[Collected data]
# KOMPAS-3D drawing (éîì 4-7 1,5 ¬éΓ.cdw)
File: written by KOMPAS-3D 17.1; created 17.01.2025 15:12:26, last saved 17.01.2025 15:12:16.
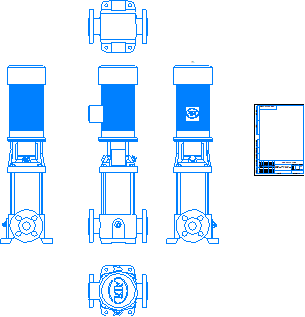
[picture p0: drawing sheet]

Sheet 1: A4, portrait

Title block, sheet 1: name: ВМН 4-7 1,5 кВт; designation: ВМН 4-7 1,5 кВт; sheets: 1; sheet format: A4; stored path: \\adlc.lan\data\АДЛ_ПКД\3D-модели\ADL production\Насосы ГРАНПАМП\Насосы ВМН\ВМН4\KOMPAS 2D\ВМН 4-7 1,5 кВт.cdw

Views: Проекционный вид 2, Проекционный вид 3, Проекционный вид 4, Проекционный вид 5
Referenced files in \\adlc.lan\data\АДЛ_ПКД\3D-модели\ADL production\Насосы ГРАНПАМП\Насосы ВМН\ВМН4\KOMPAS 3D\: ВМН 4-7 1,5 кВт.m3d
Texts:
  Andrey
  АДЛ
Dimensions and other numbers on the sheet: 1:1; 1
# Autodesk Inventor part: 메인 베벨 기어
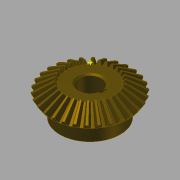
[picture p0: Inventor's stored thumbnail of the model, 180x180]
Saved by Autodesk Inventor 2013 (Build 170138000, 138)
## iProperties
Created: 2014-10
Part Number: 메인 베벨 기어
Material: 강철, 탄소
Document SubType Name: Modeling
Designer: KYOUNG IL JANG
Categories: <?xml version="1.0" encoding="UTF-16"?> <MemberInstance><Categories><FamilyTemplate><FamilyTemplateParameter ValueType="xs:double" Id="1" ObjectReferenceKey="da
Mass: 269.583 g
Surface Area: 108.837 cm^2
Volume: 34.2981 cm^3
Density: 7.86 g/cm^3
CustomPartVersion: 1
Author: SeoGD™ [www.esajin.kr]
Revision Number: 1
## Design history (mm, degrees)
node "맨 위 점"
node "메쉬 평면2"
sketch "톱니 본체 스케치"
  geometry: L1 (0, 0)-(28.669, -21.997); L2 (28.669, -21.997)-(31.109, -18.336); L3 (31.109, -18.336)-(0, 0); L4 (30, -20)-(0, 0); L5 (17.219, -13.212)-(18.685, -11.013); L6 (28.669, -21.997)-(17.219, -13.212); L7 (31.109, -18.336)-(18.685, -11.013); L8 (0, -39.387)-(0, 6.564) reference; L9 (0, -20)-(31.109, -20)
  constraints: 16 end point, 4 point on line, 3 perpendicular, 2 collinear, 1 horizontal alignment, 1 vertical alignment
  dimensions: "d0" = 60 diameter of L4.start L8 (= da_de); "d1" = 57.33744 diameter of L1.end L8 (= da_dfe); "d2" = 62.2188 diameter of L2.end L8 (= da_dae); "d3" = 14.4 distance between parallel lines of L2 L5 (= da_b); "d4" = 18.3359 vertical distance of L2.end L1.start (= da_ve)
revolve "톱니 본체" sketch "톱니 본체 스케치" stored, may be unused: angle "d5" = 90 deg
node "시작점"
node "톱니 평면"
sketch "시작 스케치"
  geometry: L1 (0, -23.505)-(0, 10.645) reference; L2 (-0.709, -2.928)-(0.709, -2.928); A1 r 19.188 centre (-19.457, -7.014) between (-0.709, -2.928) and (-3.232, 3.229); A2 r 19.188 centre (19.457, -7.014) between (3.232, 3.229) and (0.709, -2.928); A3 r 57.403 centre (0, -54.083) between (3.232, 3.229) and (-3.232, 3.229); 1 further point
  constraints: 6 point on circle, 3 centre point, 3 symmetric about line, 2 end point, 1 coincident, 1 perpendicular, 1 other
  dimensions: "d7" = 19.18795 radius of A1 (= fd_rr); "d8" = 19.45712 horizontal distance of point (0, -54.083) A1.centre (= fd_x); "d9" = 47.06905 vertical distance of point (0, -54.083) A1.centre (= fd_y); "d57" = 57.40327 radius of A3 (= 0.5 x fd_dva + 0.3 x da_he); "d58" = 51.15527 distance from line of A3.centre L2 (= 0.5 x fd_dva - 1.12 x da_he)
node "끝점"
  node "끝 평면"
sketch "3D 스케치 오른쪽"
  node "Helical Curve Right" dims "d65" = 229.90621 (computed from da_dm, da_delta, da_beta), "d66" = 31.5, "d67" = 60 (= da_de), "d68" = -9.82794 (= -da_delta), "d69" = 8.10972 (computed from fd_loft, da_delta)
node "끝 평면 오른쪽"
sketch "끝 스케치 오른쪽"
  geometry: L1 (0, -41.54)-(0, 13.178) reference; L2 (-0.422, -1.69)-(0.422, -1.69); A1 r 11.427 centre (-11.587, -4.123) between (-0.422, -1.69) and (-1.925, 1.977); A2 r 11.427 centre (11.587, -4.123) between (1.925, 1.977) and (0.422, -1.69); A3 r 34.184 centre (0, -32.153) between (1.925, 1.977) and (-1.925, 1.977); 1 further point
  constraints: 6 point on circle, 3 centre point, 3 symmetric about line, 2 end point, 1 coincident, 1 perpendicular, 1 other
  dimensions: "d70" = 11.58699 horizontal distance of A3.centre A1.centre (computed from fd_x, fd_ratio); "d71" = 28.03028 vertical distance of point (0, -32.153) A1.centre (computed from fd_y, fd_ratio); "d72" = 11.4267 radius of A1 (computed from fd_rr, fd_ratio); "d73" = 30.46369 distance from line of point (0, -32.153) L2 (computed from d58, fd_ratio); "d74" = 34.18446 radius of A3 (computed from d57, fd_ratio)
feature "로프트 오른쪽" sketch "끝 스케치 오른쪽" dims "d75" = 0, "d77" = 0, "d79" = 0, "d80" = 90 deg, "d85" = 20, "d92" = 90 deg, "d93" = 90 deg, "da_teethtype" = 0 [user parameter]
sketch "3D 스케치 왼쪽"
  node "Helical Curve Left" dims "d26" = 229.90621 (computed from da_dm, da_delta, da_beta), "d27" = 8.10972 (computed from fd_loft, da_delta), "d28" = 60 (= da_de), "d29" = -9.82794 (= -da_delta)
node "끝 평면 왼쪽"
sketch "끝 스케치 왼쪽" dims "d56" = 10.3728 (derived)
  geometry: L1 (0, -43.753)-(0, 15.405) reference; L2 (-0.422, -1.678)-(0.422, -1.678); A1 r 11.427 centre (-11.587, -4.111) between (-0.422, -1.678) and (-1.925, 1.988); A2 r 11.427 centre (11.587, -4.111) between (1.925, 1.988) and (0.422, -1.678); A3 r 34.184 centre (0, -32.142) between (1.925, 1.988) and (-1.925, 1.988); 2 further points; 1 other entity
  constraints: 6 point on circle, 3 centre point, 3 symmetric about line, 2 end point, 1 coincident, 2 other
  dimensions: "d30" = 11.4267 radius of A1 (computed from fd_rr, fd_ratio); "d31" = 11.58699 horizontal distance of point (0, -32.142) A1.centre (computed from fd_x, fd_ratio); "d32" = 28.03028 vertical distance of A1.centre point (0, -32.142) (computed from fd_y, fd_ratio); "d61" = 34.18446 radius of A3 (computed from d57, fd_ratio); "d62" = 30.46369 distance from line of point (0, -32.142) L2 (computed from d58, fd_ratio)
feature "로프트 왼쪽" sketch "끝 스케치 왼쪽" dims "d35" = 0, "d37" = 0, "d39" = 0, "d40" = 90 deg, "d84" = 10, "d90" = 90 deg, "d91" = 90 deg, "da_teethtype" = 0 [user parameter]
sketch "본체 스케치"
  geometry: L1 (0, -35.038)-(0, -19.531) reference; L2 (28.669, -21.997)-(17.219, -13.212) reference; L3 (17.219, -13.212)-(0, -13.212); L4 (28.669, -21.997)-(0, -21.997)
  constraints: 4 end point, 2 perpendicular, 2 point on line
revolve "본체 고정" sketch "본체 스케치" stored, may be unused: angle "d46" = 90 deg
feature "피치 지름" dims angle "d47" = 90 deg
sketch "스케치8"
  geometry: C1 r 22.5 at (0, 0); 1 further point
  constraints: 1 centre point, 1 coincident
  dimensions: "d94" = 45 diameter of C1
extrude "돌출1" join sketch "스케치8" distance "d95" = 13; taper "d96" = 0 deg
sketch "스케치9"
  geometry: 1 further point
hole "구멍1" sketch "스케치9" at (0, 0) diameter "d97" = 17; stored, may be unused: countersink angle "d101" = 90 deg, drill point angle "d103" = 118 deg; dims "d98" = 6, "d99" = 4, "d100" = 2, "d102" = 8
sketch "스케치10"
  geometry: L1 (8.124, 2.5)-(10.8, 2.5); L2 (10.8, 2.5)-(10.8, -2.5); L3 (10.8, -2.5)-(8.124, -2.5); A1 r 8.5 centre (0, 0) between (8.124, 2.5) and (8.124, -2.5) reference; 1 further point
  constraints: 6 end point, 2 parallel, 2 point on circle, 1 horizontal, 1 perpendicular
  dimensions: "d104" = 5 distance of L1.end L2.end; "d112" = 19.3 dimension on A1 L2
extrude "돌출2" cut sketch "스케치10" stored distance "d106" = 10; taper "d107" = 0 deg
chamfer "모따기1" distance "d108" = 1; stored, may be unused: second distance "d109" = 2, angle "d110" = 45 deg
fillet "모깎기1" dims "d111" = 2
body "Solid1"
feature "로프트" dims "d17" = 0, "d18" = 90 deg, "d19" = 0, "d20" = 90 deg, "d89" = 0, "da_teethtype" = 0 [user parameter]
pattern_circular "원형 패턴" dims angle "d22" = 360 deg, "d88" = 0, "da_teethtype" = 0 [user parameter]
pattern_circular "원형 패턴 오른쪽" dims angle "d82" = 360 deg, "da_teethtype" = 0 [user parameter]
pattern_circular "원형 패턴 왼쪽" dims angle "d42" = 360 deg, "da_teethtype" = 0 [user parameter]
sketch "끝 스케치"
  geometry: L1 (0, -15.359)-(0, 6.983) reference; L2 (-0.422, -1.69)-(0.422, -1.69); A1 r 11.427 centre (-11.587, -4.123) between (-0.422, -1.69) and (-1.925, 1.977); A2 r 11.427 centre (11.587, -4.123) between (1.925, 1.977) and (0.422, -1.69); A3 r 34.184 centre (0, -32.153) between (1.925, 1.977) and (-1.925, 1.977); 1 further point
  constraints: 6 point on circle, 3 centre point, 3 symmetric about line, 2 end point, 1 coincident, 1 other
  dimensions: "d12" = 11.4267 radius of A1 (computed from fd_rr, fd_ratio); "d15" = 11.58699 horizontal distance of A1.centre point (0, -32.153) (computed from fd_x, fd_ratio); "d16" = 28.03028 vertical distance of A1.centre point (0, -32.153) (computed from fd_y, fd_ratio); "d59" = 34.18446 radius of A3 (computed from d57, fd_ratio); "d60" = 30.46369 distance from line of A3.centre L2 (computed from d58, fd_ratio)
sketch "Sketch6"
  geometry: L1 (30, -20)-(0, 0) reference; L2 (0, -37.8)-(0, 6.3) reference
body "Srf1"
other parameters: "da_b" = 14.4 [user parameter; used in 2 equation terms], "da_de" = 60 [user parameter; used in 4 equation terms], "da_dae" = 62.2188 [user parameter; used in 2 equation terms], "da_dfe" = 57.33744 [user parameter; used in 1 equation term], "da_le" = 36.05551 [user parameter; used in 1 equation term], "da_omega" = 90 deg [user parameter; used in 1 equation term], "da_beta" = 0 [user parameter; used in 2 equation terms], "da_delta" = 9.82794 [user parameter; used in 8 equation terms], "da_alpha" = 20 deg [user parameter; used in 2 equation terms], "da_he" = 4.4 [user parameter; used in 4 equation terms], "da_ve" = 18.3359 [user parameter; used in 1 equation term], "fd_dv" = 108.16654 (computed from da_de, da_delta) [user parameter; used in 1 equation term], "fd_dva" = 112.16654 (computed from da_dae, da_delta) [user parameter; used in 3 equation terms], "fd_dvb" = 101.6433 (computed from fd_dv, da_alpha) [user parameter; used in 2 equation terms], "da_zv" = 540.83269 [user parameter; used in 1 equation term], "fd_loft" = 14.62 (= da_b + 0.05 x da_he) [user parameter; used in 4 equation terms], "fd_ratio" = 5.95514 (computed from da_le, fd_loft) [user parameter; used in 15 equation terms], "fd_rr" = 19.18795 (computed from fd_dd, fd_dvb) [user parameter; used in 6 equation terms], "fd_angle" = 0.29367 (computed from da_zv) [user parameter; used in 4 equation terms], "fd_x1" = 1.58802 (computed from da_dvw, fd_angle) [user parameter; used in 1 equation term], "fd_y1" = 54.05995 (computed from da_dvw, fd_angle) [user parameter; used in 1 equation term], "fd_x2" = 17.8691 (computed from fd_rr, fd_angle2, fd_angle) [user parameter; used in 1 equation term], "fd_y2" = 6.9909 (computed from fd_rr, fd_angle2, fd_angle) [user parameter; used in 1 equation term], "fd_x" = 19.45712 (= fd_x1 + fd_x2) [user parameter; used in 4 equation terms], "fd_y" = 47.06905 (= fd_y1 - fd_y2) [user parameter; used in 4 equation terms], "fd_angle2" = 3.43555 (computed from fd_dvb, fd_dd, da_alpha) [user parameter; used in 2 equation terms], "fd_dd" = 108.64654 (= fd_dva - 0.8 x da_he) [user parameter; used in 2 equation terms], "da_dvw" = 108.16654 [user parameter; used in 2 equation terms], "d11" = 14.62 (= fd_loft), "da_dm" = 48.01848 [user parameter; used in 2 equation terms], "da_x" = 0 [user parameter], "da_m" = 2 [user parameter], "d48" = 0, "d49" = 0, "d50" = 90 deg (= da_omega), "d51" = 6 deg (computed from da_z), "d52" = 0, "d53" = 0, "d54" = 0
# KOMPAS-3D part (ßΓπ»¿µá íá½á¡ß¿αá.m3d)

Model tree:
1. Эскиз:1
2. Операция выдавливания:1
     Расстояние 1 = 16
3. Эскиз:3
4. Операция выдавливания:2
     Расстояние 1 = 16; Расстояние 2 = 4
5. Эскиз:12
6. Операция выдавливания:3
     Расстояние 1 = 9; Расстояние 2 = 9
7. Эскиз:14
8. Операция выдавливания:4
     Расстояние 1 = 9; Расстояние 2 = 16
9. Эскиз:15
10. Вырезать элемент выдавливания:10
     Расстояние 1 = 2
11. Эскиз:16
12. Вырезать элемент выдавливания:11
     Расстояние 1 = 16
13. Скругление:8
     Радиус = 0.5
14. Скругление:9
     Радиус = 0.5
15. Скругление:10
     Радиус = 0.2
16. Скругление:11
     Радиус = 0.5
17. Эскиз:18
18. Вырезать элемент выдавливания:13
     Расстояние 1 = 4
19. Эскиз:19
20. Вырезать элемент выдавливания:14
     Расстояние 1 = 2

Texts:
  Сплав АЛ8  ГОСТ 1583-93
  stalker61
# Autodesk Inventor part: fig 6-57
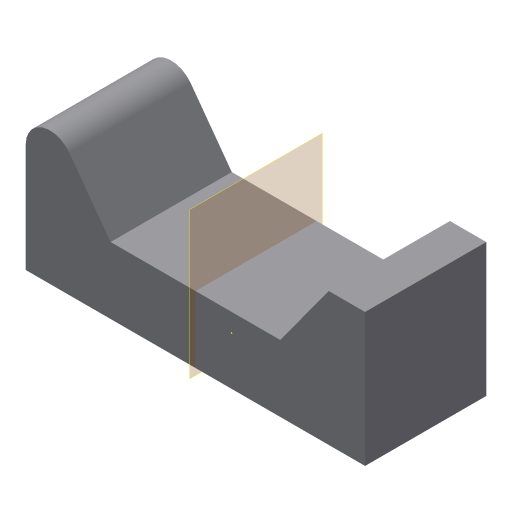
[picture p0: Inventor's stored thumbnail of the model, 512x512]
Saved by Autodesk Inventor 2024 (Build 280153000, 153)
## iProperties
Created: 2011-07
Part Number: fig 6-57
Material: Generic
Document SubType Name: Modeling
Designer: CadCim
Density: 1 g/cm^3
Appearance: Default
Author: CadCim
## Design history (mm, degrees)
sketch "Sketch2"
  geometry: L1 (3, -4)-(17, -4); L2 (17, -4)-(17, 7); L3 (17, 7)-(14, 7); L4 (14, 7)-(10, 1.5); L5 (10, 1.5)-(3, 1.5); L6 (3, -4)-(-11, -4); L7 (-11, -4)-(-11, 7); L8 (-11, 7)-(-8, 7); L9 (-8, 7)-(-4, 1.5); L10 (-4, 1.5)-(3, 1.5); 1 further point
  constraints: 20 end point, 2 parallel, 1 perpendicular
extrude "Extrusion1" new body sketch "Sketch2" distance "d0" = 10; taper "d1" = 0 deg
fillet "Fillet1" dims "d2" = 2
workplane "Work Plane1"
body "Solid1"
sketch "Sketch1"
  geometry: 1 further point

## Task brief
Once the line containing "6. Операция выдавливания:3" has been found, write out exactly that line and each one after it through the end of the data, leaving out every picture.

## Response area
6. Операция выдавливания:3
     Расстояние 1 = 9; Расстояние 2 = 9
7. Эскиз:14
8. Операция выдавливания:4
     Расстояние 1 = 9; Расстояние 2 = 16
9. Эскиз:15
10. Вырезать элемент выдавливания:10
     Расстояние 1 = 2
11. Эскиз:16
12. Вырезать элемент выдавливания:11
     Расстояние 1 = 16
13. Скругление:8
     Радиус = 0.5
14. Скругление:9
     Радиус = 0.5
15. Скругление:10
     Радиус = 0.2
16. Скругление:11
     Радиус = 0.5
17. Эскиз:18
18. Вырезать элемент выдавливания:13
     Расстояние 1 = 4
19. Эскиз:19
20. Вырезать элемент выдавливания:14
     Расстояние 1 = 2

Texts:
  Сплав АЛ8  ГОСТ 1583-93
  stalker61
# Autodesk Inventor part: fig 6-57
[picture p0: Inventor's stored thumbnail of the model, 512x512]
Saved by Autodesk Inventor 2024 (Build 280153000, 153)
## iProperties
Created: 2011-07
Part Number: fig 6-57
Material: Generic
Document SubType Name: Modeling
Designer: CadCim
Density: 1 g/cm^3
Appearance: Default
Author: CadCim
## Design history (mm, degrees)
sketch "Sketch2"
  geometry: L1 (3, -4)-(17, -4); L2 (17, -4)-(17, 7); L3 (17, 7)-(14, 7); L4 (14, 7)-(10, 1.5); L5 (10, 1.5)-(3, 1.5); L6 (3, -4)-(-11, -4); L7 (-11, -4)-(-11, 7); L8 (-11, 7)-(-8, 7); L9 (-8, 7)-(-4, 1.5); L10 (-4, 1.5)-(3, 1.5); 1 further point
  constraints: 20 end point, 2 parallel, 1 perpendicular
extrude "Extrusion1" new body sketch "Sketch2" distance "d0" = 10; taper "d1" = 0 deg
fillet "Fillet1" dims "d2" = 2
workplane "Work Plane1"
body "Solid1"
sketch "Sketch1"
  geometry: 1 further point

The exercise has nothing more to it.